# Goldfish as Fishing Bait



## CMAN322 (Jul 12, 2009)

I've seen some people using goldfish as bait and wanted to know if its legal in the State of Texas. Any input would be Great Thnx

Cris


----------



## rvj (May 14, 2006)

They say goldfish on a full moon at night for flathead catfish is deadly


----------



## shadslinger (Aug 21, 2005)

Yeah they are legal and good Op bait, they can also live in motor oil it seems. Really hardy bait fish and will stay alive a long time on the hook.


----------



## Fishin' Soldier (Dec 25, 2007)

Ops and blues will tear em' up. My go to op bait for lines when perch is hard to catch.


----------



## CMAN322 (Jul 12, 2009)

shadslinger said:


> Yeah they are legal and good Op bait, they can also live in motor oil it seems.
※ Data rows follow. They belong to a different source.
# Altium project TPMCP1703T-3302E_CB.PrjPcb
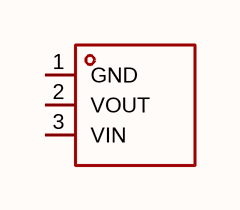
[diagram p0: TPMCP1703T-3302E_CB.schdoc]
1 sheet, 1 parts. Net scope: global (net labels, ports and power ports of the same name join across sheets).

## Sheet TPMCP1703T-3302E_CB.schdoc
size 127 x 101 mm

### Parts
U?  tpmcp1703t-3302e/cb  [SOT-23-3_L2.9-W1.6-P1.90-LS2.8-BR]  (value not drawn)

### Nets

Not connected (* = marked no-connect by the designer): U? 1(GND) 2(VOUT) 3(VIN)

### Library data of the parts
U? = tpmcp1703t-3302e/cb: 输出极性:正极;工作电压:24V;输出电压:3.3V;输出电流:300mA;电源纹波抑制比(PSRR):-;输出类型:固定；可调;; Manufacturer: TECH PUBLIC(台舟); AddInBom: yes; ModelId: 89cb27a44ab2466697082bb9fd73a7d0; ModelName: SOT-23-3L_L2.9-W1.6-H1.1-LS2.8-P0.95; ModelTransform: 114.173,110.236,0,90,0,0,0,0,0; Output Configuration: 正极; Voltage - Supply: 24V; Output Voltage: 3.3V; Output Current: 300mA; Voltage Dropout: 90mV@(40mA); standby current: 2uA; Output Type: 固定；可调; Number of Outputs: 1

Really hardy bait fish and will stay alive a long time on the hook.


Ill got to Petsmart and try it, never done it before 
Thanks


----------



## Fishin' Soldier (Dec 25, 2007)

CMAN322 said:


> Ill got to Petsmart and try it, never done it before
> Thanks


Petsmart will probably be expensive. Find a bait shop that sells them.


----------



## johnmyjohn (Aug 6, 2006)

Don't give up on the pet shop, esspecially the aquariam shop. Ask for feeder fish, sometimes they'll have the large ones.


----------



## ensignjason (Jan 8, 2007)

You can net alot of them around the botanical gardens haha!


----------



## CMAN322 (Jul 12, 2009)

Can anyone tell me how to rig them and keeping them alive on the hook!!


----------



## Corey270 (May 18, 2009)

CMAN322 said:


> Can anyone tell me how to rig them and keeping them alive on the hook!!


We usually just hook them through the tail.


----------



## Kingofsabine18 (Oct 29, 2008)

Man the 3rd biggest bass I have ever caught (11 pounds 4 ounces) was caught on a live goldfish at my grandfathers resevoir


----------



## Fishin' Soldier (Dec 25, 2007)

Get some small 1/0 bait hooks and hook thrught he eyes. Not through the pupil but right in front and out the other side. Don't go thru the head.


----------



## CMAN322 (Jul 12, 2009)

Kingofsabine18 said:


> Man the 3rd biggest bass I have ever caught (11 pounds 4 ounces) was caught on a live goldfish at my grandfathers resevoir


My Dad also caught a 10 pound 7 ounce bass in a small pond.
What do you like best goldfish or minnows as bait.


----------



## CMAN322 (Jul 12, 2009)

BTW, I will be fishing the Lake on Hermann Park. My friend went there fished with goldfish and caught a 7 lb bass.


----------